D&A showcased around 200 brands at this edition, half of which were international companies. Mandelbaum and his wife and business partner Meryl Mandelbaum, said the mix is highly curated and laid out the way a buyer would merchandise a store, with similar categories clustered together such as shoes, jewelry and ready-to-wear.

Designers & Agents show

Inside the Designers & Agents show. Courtesy of Designers & Agents

“Retailers come here to find something to distinguish their store from the status quo,” said Meryl Mandelbaum, pointing to the show’s eclectic mix of “independent designer brands. There is no fast fashion here.”

That was the appeal for Bo Kim, owner of Bocnyc, which has two stores in Manhattan — on Madison Avenue and Columbus Avenue — and will be opening a third in TriBeCa in June.

Kim was browsing through the Organic by John Patrick and Communitie booth at the show. “This is the only show I go to,” she said, adding that its mix of established and emerging brands from Europe and the U.S. was a drawing card for her since her store carries a mix of domestic and international brands.

“I found Organic by John Patrick here a long time ago,” she said, adding that she was shopping the show for “some items, not whole collections, to make our stores unique and different from department stores. Our stores are very small, so we’re picky — that’s how we survive. We’re always looking for something new.”
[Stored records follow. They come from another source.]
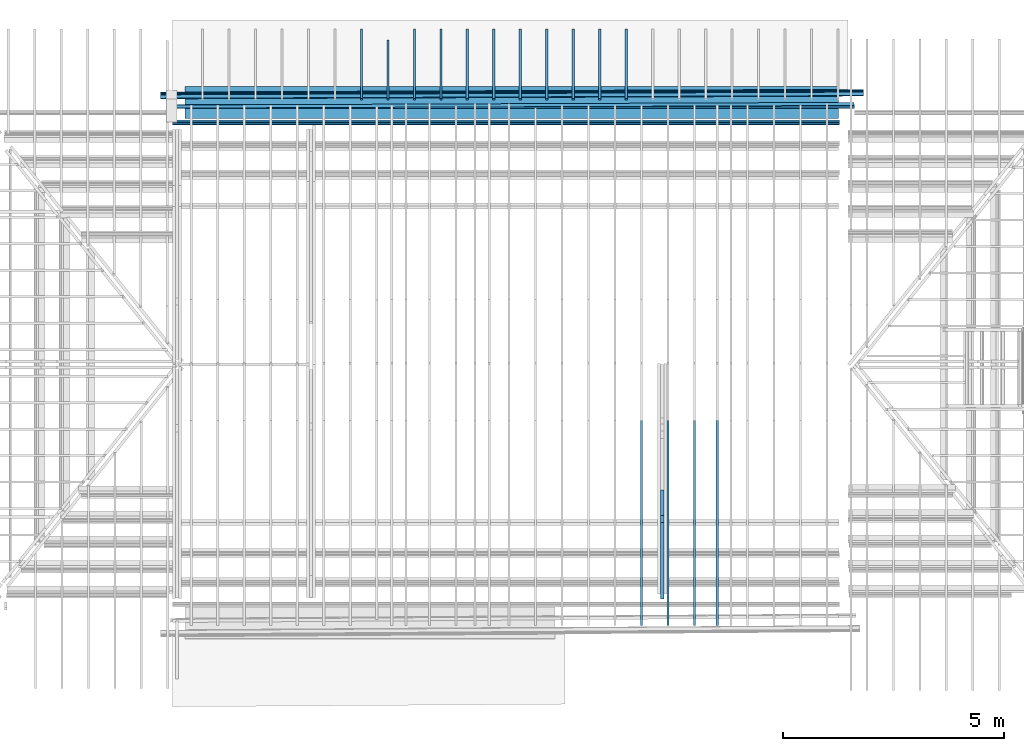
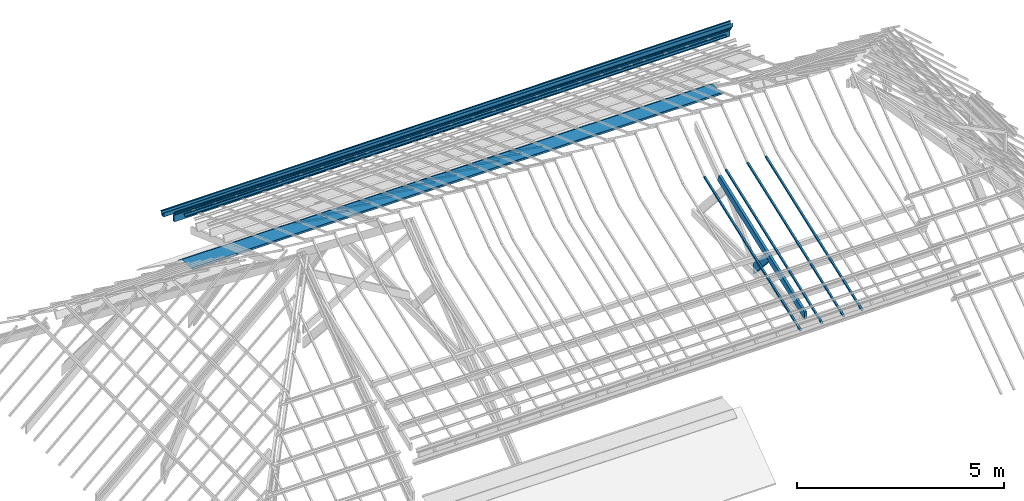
# One storey, part 9 of 18: 22 beams.
"""IFC2X3 building model written with IfcOpenShell, lengths in centimetres."""

from ifc_helpers import new_model, entity, si_unit, converted_unit, direction, frame, frame_2d, origin, origin_2d_with_axis, place, context, subcontext, project, spatial, polyline, circle_curve, parameter, trimmed, segment, composite_curve, rectangle, outline, extrude, clip, halfspace, bounded_halfspace, material, type_object, element, save


model = new_model("IFC2X3")

# Units and contexts
model_context = context("Model", 3, precision=0.001, world=frame((0.0, 0.0, 13090.0)), true_north=direction((6.123233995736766e-17, 1.0)))
body_context = subcontext(model_context, "Body", "Model", "MODEL_VIEW")
ifc_project = project(units=[si_unit("LENGTHUNIT", "METRE", prefix="CENTI"), si_unit("AREAUNIT", "SQUARE_METRE"), si_unit("VOLUMEUNIT", "CUBIC_METRE"), converted_unit("PLANEANGLEUNIT", "DEGREE", entity("IfcPlaneAngleMeasure", 0.017453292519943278), si_unit("PLANEANGLEUNIT", "RADIAN"), dimensions=[0, 0, 0, 0, 0, 0, 0])], contexts=[model_context])

# Site, building, storey
site_placement = place(None, origin())
site = spatial("IfcSite", under=ifc_project, at=site_placement, Name="Default", CompositionType="ELEMENT")
building_placement = place(site_placement, origin())
building = spatial("IfcBuilding", under=site, at=building_placement, Name="e 39 logements et 22 maisons relais", CompositionType="ELEMENT")
storey_placement = place(building_placement, frame((0.0, 0.0, 610.0)))
storey = spatial("IfcBuildingStorey", under=building, at=storey_placement, Name="R+2", CompositionType="ELEMENT", Elevation=609.9999999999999)

# Beams
ifc_material_1 = material(Name="Bois - Bois de construction de dimensions courantes")
beam_type_1 = type_object("IfcBeamType", Name="Poutre - Bois de construction de dimensions courantes:70 220", PredefinedType="BEAM")
beam_1_placement = place(storey_placement, frame((186.8682369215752, -561.3031404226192, 292.3300309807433), z_axis=(1.0, 0.0, 0.0), x_axis=(0.0, 0.665362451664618, -0.7465204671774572)))
element("IfcBeam", 1, at=beam_1_placement, inside=storey, type_object=beam_type_1, material=ifc_material_1, Name="Poutre - Bois de construction de dimensions courantes:70 220", ObjectType="Poutre - Bois de construction de dimensions courantes:70 220", context=body_context, shape_type="Clipping", body=[
    clip(clip(extrude(rectangle(XDim=21.99999999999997, YDim=7.000000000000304, at=frame_2d((1.354472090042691e-14, 0.0), x_axis=(0.0, 1.0))), frame((295.29875596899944, -11.0, 0.0), z_axis=(1.0, 0.0, 0.0), x_axis=(0.0, 0.0, -1.0)), (0.0, 0.0, 1.0), 109.54245639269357), bounded_halfspace(frame((394.72770309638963, -32.06071602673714, -409.30146352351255), z_axis=(0.746520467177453, -0.6653624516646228, 0.0), x_axis=(0.0, 0.0, 1.0)), False, frame((295.29875596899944, -11.0, 0.0), z_axis=(1.0, 0.0, 0.0), x_axis=(0.0, 0.0, -1.0)), polyline([(3.4999999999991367, -9.713604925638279), (-3.5000000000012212, -9.71360492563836), (-3.5000000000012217, -11.0), (3.4999999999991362, -11.0), (3.4999999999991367, -9.713604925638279)]))), bounded_halfspace(frame((404.8412123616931, -20.713604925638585, -409.30146352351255), z_axis=(0.6653624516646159, 0.7465204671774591, 0.0), x_axis=(0.0, 0.0, 1.0)), False, frame((295.29875596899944, -11.0, 0.0), z_axis=(1.0, 0.0, 0.0), x_axis=(0.0, 0.0, -1.0)), polyline([(-3.5000000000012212, -9.71360492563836), (3.4999999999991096, -9.713604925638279), (3.4999999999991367, 11.0), (-3.5000000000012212, 11.0), (-3.5000000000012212, -9.71360492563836)]))),
])
beam_type_2 = type_object("IfcBeamType", Name="Poutre - Bois de construction de dimensions courantes:70 200", PredefinedType="BEAM")
beam_2_placement = place(storey_placement, frame((186.86823692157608, -675.3686836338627, 55.291132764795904), z_axis=(0.0, -0.3472592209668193, 0.9377691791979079), x_axis=(0.0, 0.9377691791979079, 0.3472592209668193)))
element("IfcBeam", 2, at=beam_2_placement, inside=storey, type_object=beam_type_2, material=ifc_material_1, Name="Poutre - Bois de construction de dimensions courantes:70 200", ObjectType="Poutre - Bois de construction de dimensions courantes:70 200", context=body_context, shape_type="Clipping", body=[
    clip(extrude(rectangle(XDim=20.00000000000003, YDim=7.000000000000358, at=frame_2d((-7.016609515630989e-14, 0.0), x_axis=(1.0, 0.0))), frame((91.61969437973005, 0.0, -92.0), z_axis=(1.0, 0.0, 0.0), x_axis=(0.0, 0.0, -1.0)), (0.0, 0.0, 1.0), 448.16586327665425), halfspace(frame((112.11721562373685, 674.2152801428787, -46.64670047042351), z_axis=(-0.9377691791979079, 0.0, 0.3472592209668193), x_axis=(0.0, -1.0, 0.0)), False)),
])
beam_3_placement = place(storey_placement, frame((-580.7881755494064, 562.6902276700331, 18.41226177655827), z_axis=(0.0, 0.0, 1.0), x_axis=(-0.9999924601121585, -0.0038832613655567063, 0.0)))
element("IfcBeam", 3, at=beam_3_placement, inside=storey, type_object=beam_type_2, material=ifc_material_1, Name="Poutre - Bois de construction de dimensions courantes:70 200", ObjectType="Poutre - Bois de construction de dimensions courantes:70 200", context=body_context, shape_type="SweptSolid", body=[
    extrude(rectangle(XDim=20.0, YDim=7.000000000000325, at=frame_2d((0.0, -5.417888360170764e-14), x_axis=(1.0, 0.0))), frame((-1201.7620083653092, 0.0, -13.50000000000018), z_axis=(1.0, 0.0, 0.0), x_axis=(0.0, 0.0, -1.0)), (0.0, 0.0, 1.0), 1553.8612228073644),
])
ifc_material_2 = material(Name="neuf")
beam_type_3 = type_object("IfcBeamType", Name="gouttiere ALU G400:gouttiere ALU G400", PredefinedType="BEAM")
beam_4_placement = place(storey_placement, frame((-570.8951447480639, 580.4179206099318, 45.96233702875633), z_axis=(0.0, 0.0, 1.0), x_axis=(-0.9999924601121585, -0.0038832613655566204, 0.0)))
element("IfcBeam", 4, at=beam_4_placement, inside=storey, type_object=beam_type_3, material=ifc_material_2, Name="gouttiere ALU G400:gouttiere ALU G400", ObjectType="gouttiere ALU G400:gouttiere ALU G400", context=body_context, shape_type="SweptSolid", body=[
    extrude(outline(composite_curve([segment(polyline([(-4.596964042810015, -5.183638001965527), (-4.410064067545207, -5.183638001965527)]), True, "CONTINUOUS"), segment(trimmed(circle_curve(frame_2d((-4.410064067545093, -4.392159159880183), x_axis=(0.0, -1.0)), 0.7914788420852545), [parameter(0.0)], [parameter(89.99999999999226)], True, "PARAMETER"), True, "CONTINUOUS"), segment(polyline([(-3.6185852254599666, -4.3921591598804), (-3.6185852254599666, -3.63303606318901)]), True, "CONTINUOUS"), segment(trimmed(circle_curve(frame_2d((-2.8287143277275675, -3.6330360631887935), x_axis=(-1.0, 0.0)), 0.7898708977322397), [parameter(284.6197487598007)], [parameter(0.0)], True, "PARAMETER"), False, "CONTINUOUS"), segment(polyline([(-3.0280800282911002, -2.868739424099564), (3.0018920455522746, -1.9250957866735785)]), True, "CONTINUOUS"), segment(trimmed(circle_curve(frame_2d((2.6511667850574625, -0.5488704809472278), x_axis=(0.24695261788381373, -0.9690275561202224)), 1.4202127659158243), [parameter(0.0)], [parameter(75.70274320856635)], True, "PARAMETER"), True, "CONTINUOUS"), segment(trimmed(circle_curve(frame_2d((4.738394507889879, -0.5488704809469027), x_axis=(-1.0, 0.0)), 0.6670149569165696), [parameter(269.9999999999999)], [parameter(0.0)], True, "PARAMETER"), False, "CONTINUOUS"), segment(polyline([(4.738394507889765, 0.11814447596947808), (5.823944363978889, 0.11814447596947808)]), True, "CONTINUOUS"), segment(trimmed(circle_curve(frame_2d((5.604531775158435, 1.4672111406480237), x_axis=(0.16053097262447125, -0.9870308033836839)), 1.3667928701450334), [parameter(0.0)], [parameter(80.76228289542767)], True, "PARAMETER"), True, "CONTINUOUS"), segment(polyline([(6.971324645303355, 1.4672111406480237), (6.9713246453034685, 7.967211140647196)]), True, "CONTINUOUS"), segment(trimmed(circle_curve(frame_2d((4.482502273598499, 7.967211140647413), x_axis=(1.0, 0.0)), 2.48882237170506), [parameter(0.0)], [parameter(79.98963375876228)], True, "PARAMETER"), True, "CONTINUOUS"), segment(polyline([(4.915125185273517, 10.418144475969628), (-6.028675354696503, 10.41814447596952)]), True, "CONTINUOUS"), segment(polyline([(-6.028675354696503, 10.41814447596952), (-6.028675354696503, 10.218144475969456)]), True, "CONTINUOUS"), segment(polyline([(-6.028675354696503, 10.218144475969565), (4.897239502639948, 10.218144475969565)]), True, "CONTINUOUS"), segment(trimmed(circle_curve(frame_2d((4.482502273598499, 7.967211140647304), x_axis=(0.18120114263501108, 0.983446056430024)), 2.288822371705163), [parameter(280.43973077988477)], [parameter(0.0)], True, "PARAMETER"), False, "CONTINUOUS"), segment(polyline([(6.771324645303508, 7.967211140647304), (6.771324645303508, 1.4672111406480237)]), True, "CONTINUOUS"), segment(trimmed(circle_curve(frame_2d((5.604531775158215, 1.467211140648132), x_axis=(1.0, 0.0)), 1.1667928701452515), [parameter(279.99999999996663)], [parameter(0.0)], True, "PARAMETER"), False, "CONTINUOUS"), segment(polyline([(5.807143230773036, 0.3181444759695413), (4.738394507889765, 0.3181444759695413)]), True, "CONTINUOUS"), segment(trimmed(circle_curve(frame_2d((4.738394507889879, -0.5488704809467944), x_axis=(0.0, 1.0)), 0.8670149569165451), [parameter(0.0)], [parameter(90.00000000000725)], True, "PARAMETER"), True, "CONTINUOUS"), segment(trimmed(circle_curve(frame_2d((2.6511667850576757, -0.5488704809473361), x_axis=(1.0, 0.0)), 1.2202127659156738), [parameter(284.7237510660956)], [parameter(0.0)], True, "PARAMETER"), False, "CONTINUOUS"), segment(polyline([(2.961294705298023, -1.7290144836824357), (-3.068480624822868, -2.672439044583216)]), True, "CONTINUOUS"), segment(trimmed(circle_curve(frame_2d((-2.8289568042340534, -3.6331166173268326), x_axis=(-0.2419218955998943, 0.9702957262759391)), 0.9900873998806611), [parameter(0.0)], [parameter(75.99999999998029)], True, "PARAMETER"), True, "CONTINUOUS"), segment(polyline([(-3.8190442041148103, -3.6331166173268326), (-3.8190442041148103, -4.391273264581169)]), True, "CONTINUOUS"), segment(trimmed(circle_curve(frame_2d((-4.409626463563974, -4.391273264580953), x_axis=(1.0, 0.0)), 0.5905822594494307), [parameter(270.0000000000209)], [parameter(0.0)], True, "PARAMETER"), False, "CONTINUOUS"), segment(polyline([(-4.409626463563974, -4.981855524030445), (-4.596293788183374, -4.981855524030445)]), True, "CONTINUOUS"), segment(trimmed(circle_curve(frame_2d((-4.596293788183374, -4.451936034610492), x_axis=(0.0, -1.0)), 0.5299194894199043), [parameter(269.9999999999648)], [parameter(0.0)], True, "PARAMETER"), False, "CONTINUOUS"), segment(polyline([(-5.1262132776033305, -4.451936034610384), (-5.308633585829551, -2.7163227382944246)]), True, "CONTINUOUS"), segment(polyline([(-5.308633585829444, -2.7163227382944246), (-5.5097352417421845, -2.7163227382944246)]), True, "CONTINUOUS"), segment(polyline([(-5.5097352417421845, -2.7163227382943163), (-5.324785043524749, -4.455817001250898)]), True, "CONTINUOUS"), segment(trimmed(circle_curve(frame_2d((-4.596964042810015, -4.455817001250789), x_axis=(-1.0, 0.0)), 0.727821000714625), [parameter(0.0)], [parameter(90.00000000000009)], True, "PARAMETER"), True, "CONTINUOUS")], self_intersect=False)), frame((-1213.6300168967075, -10.218144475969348, -37.028675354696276), z_axis=(1.0, 0.0, 0.0), x_axis=(0.0, 0.0, -1.0)), (0.0, 0.0, 1.0), 1592.5999382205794),
])
beam_type_4 = type_object("IfcBeamType", Name="panne z:panne z", PredefinedType="BEAM")
beam_5_placement = place(storey_placement, frame((-570.930260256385, 527.6837356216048, 38.45000000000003), z_axis=(-0.0004969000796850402, 0.0, 0.9999998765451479), x_axis=(-0.9999998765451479, 0.0, -0.0004969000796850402)))
element("IfcBeam", 5, at=beam_5_placement, inside=storey, type_object=beam_type_4, material=ifc_material_2, Name="panne z:panne z", ObjectType="panne z:panne z", context=body_context, shape_type="SweptSolid", body=[
    extrude(outline(composite_curve([segment(polyline([(0.30000000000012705, -3.0), (4.6000000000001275, -3.0)]), True, "CONTINUOUS"), segment(trimmed(circle_curve(frame_2d((4.60000000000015, -2.599999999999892), x_axis=(0.0, -1.0)), 0.40000000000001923), [parameter(0.0)], [parameter(90.00000000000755)], True, "PARAMETER"), True, "CONTINUOUS"), segment(polyline([(5.0, -2.5999999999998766), (5.0, -1.0)]), True, "CONTINUOUS"), segment(polyline([(5.0, -1.0), (4.800000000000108, -1.0)]), True, "CONTINUOUS"), segment(polyline([(4.800000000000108, -1.0), (4.8000000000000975, -2.5999999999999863)]), True, "CONTINUOUS"), segment(trimmed(circle_curve(frame_2d((4.600000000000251, -2.599999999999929), x_axis=(1.0, 0.0)), 0.1999999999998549), [parameter(269.9999999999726)], [parameter(0.0)], True, "PARAMETER"), False, "CONTINUOUS"), segment(polyline([(4.600000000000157, -2.7999999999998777), (0.3000000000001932, -2.799999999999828)]), True, "CONTINUOUS"), segment(trimmed(circle_curve(frame_2d((0.30000000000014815, -2.5999999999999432), x_axis=(0.0, -1.0)), 0.19999999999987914), [parameter(269.9999999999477)], [parameter(0.0)], True, "PARAMETER"), False, "CONTINUOUS"), segment(polyline([(0.10000000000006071, -2.599999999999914), (0.10000000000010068, 2.600000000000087)]), True, "CONTINUOUS"), segment(trimmed(circle_curve(frame_2d((-0.2999999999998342, 2.6000000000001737), x_axis=(1.0, 0.0)), 0.3999999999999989), [parameter(0.0)], [parameter(89.99999999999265)], True, "PARAMETER"), True, "CONTINUOUS"), segment(polyline([(-0.2999999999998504, 3.0), (-4.59999999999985, 3.0)]), True, "CONTINUOUS"), segment(trimmed(circle_curve(frame_2d((-4.599999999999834, 2.600000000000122), x_axis=(0.0, 1.0)), 0.40000000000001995), [parameter(0.0)], [parameter(90.00000000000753)], True, "PARAMETER"), True, "CONTINUOUS"), segment(polyline([(-5.0, 2.600000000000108), (-5.0, 1.0)]), True, "CONTINUOUS"), segment(polyline([(-5.0, 1.0), (-4.79999999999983, 1.0)]), True, "CONTINUOUS"), segment(polyline([(-4.79999999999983, 1.0), (-4.799999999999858, 2.6000000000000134)]), True, "CONTINUOUS"), segment(trimmed(circle_curve(frame_2d((-4.600000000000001, 2.6000000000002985), x_axis=(-1.0, 0.0)), 0.19999999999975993), [parameter(269.9999999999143)], [parameter(0.0)], True, "PARAMETER"), False, "CONTINUOUS"), segment(polyline([(-4.599999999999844, 2.8000000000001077), (-0.2999999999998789, 2.8000000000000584)]), True, "CONTINUOUS"), segment(trimmed(circle_curve(frame_2d((-0.2999999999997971, 2.6000000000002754), x_axis=(0.0, 1.0)), 0.19999999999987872), [parameter(269.9999999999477)], [parameter(0.0)], True, "PARAMETER"), False, "CONTINUOUS"), segment(polyline([(-0.09999999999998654, 2.6000000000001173), (-0.09999999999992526, -2.599999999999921)]), True, "CONTINUOUS"), segment(trimmed(circle_curve(frame_2d((0.300000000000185, -2.5999999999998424), x_axis=(-1.0, 0.0)), 0.399999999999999), [parameter(0.0)], [parameter(89.99999999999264)], True, "PARAMETER"), True, "CONTINUOUS")], self_intersect=False)), frame((-1159.781285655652, 2.5591430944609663, -7.0311878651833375), z_axis=(1.0, 0.0, 0.0), x_axis=(0.0, -0.9396926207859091, -0.3420201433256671)), (0.0, 0.0, 1.0), 1511.88052744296),
])
beam_type_5 = type_object("IfcBeamType", Name="Poutre - Bois de construction de dimensions courantes:50 50", PredefinedType="BEAM")
beam_6_placement = place(storey_placement, frame((139.82376656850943, -682.454003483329, 59.79760523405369), z_axis=(0.0, -0.34610942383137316, 0.9381941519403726), x_axis=(0.0, 0.9381941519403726, 0.34610942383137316)))
element("IfcBeam", 6, at=beam_6_placement, inside=storey, type_object=beam_type_5, material=ifc_material_1, Name="Poutre - Bois de construction de dimensions courantes:50 50", ObjectType="Poutre - Bois de construction de dimensions courantes:50 50", context=body_context, shape_type="SweptSolid", body=[
    extrude(rectangle(XDim=4.999999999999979, YDim=5.000000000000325, at=frame_2d((1.887379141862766e-14, 0.0), x_axis=(1.0, 0.0))), frame((47.46098828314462, 0.0, -71.50000000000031), z_axis=(1.0, 0.0, 0.0), x_axis=(0.0, 0.0, -1.0)), (0.0, 0.0, 1.0), 496.5080480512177),
])
beam_7_placement = place(storey_placement, frame((311.35051896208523, -682.4540034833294, 59.79760523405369), z_axis=(0.0, -0.34610942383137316, 0.9381941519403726), x_axis=(0.0, 0.9381941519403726, 0.34610942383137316)))
element("IfcBeam", 7, at=beam_7_placement, inside=storey, type_object=beam_type_5, material=ifc_material_1, Name="Poutre - Bois de construction de dimensions courantes:50 50", ObjectType="Poutre - Bois de construction de dimensions courantes:50 50", context=body_context, shape_type="SweptSolid", body=[
    extrude(rectangle(XDim=4.999999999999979, YDim=5.000000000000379, at=origin_2d_with_axis()), frame((47.46098828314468, 0.0, -71.50000000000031), z_axis=(1.0, 0.0, 0.0), x_axis=(0.0, 0.0, -1.0)), (0.0, 0.0, 1.0), 496.5080480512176),
])
beam_8_placement = place(storey_placement, frame((259.85901227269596, -682.4540034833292, 59.79760523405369), z_axis=(0.0, -0.34610942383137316, 0.9381941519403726), x_axis=(0.0, 0.9381941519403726, 0.34610942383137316)))
element("IfcBeam", 8, at=beam_8_placement, inside=storey, type_object=beam_type_5, material=ifc_material_1, Name="Poutre - Bois de construction de dimensions courantes:50 50", ObjectType="Poutre - Bois de construction de dimensions courantes:50 50", context=body_context, shape_type="SweptSolid", body=[
    extrude(rectangle(XDim=4.999999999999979, YDim=5.000000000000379, at=frame_2d((0.0, -5.417888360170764e-14), x_axis=(1.0, 0.0))), frame((47.460988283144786, 0.0, -71.50000000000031), z_axis=(1.0, 0.0, 0.0), x_axis=(0.0, 0.0, -1.0)), (0.0, 0.0, 1.0), 496.5080480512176),
])
beam_9_placement = place(storey_placement, frame((199.82376656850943, -682.4540034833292, 59.79760523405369), z_axis=(0.0, -0.34610942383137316, 0.9381941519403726), x_axis=(0.0, 0.9381941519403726, 0.34610942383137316)))
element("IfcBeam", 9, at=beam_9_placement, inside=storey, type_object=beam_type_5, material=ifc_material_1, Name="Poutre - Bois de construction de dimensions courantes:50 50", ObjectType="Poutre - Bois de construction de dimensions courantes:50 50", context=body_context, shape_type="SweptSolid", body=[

Staying small is also a strategy for Organic by John Patrick, which showcased its tight assortment of cashmere sweaters and related knitwear pieces at the show. The sweaters were offered in an oversize crew as well as a sleeveless turtleneck model. The booth also showcased cashmere bandanas from Communitie.

Also offering up a tight assortment was Handvaerk, a 12-year-old Danish brand that offers elevated foundational pieces for women and men made from natural fibers such as wool and alpaca.

The brand name, according to John Webb, its longtime representative, is Danish and means minimalistic and straightforward. It got its start in T-shirts made from extra-long-staple Peruvian cotton, before moving into sweatshirts. Over the years, it has expanded to a full collection, all with the same aesthetic.

A women's look from Handvaerk.

A women’s look from Handvaerk. Courtesy of Handvaerk

At the show, Handvaerk showcased an expanded women’s collection that included wool and cashmere knits made in Italy, expanded pima cotton T-shirt silhouettes, elevated fleece sweats, cashmere overskirts and tailored coats.

Henry Beguelin, a 45-year-old leather goods brand founded on the island of Elba in Italy, was also exhibiting at the show. Now run by Patrick Nebiolo, formerly of Holden and Holubar, who recently purchased the majority interest in the company, the Milan-based collection is all handmade in Italy.

A Henry Beguelin bag

The Henry Beguelin bags are all handmade in Italy. Courtesy of Henry Beguelin

A variety of bags and shoes were on display at the show including shoulder bags, crossbody bags and small purses; small leather goods, and sneakers, a new category for the brand. The pieces featured the brand’s trademark overstitching as well as its distinct logo, a stick figure motif.

In addition to bags, the company also offered a peek at its expanding apparel collection, which includes knitwear as well as outerwear. “We’re trying to bring new ideas but stay true to our core,” Nebiolo said.